> **DATA**

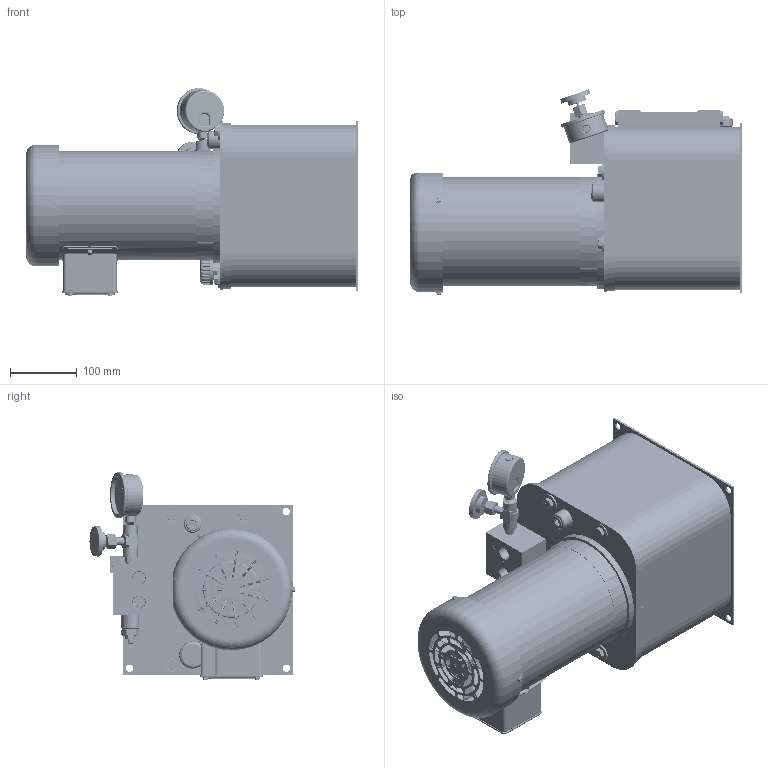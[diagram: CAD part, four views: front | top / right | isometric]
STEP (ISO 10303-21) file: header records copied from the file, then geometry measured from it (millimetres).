
FILE_DESCRIPTION (( 'STEP AP214' ), '1' );
FILE_NAME ('T2V-05-X-NN--059.STEP', '2021-08-25T15:25:44', ( '' ), ( '' ), 'SwSTEP 2.0', 'SolidWorks 2020', '' );
FILE_SCHEMA (( 'AUTOMOTIVE_DESIGN' ));
Length unit declared in the file: inch
Products named in the file (1): T2V-05-X-NN--059
Bounding box: 498.41 x 307.81 x 311.84 mm (x, y, z)
Surface area: 1591993.6 mm2 (no closed solid volume)
Topology: 0 solids, 87 shells, 7713 faces, 19511 edges, 12016 vertices
Faces by surface type: plane 2409, cylinder 2242, bspline 1326, cone 794, torus 648, sphere 294
Entity records: 447032 total; most frequent: CARTESIAN_POINT 178845, ORIENTED_EDGE 38536, DIRECTION 29481, EDGE_CURVE 19287, VERTEX_POINT 11999, AXIS2_PLACEMENT_3D 11323, EDGE_LOOP 8242, DIMENSIONAL_EXPONENTS 7786

> **WHAT IS EXPECTED**
Nothing should be returned except the lines from the one containing "STEP (ISO 10303-21)" through the last line of the data, each restated word for word.

> **RESPONSE BOX**
STEP (ISO 10303-21) file: header records copied from the file, then geometry measured from it (millimetres).
FILE_DESCRIPTION (( 'STEP AP214' ), '1' );
FILE_NAME ('T2V-05-X-NN--059.STEP', '2021-08-25T15:25:44', ( '' ), ( '' ), 'SwSTEP 2.0', 'SolidWorks 2020', '' );
FILE_SCHEMA (( 'AUTOMOTIVE_DESIGN' ));
Length unit declared in the file: inch
Products named in the file (1): T2V-05-X-NN--059
Bounding box: 498.41 x 307.81 x 311.84 mm (x, y, z)
Surface area: 1591993.6 mm2 (no closed solid volume)
Topology: 0 solids, 87 shells, 7713 faces, 19511 edges, 12016 vertices
Faces by surface type: plane 2409, cylinder 2242, bspline 1326, cone 794, torus 648, sphere 294
Entity records: 447032 total; most frequent: CARTESIAN_POINT 178845, ORIENTED_EDGE 38536, DIRECTION 29481, EDGE_CURVE 19287, VERTEX_POINT 11999, AXIS2_PLACEMENT_3D 11323, EDGE_LOOP 8242, DIMENSIONAL_EXPONENTS 7786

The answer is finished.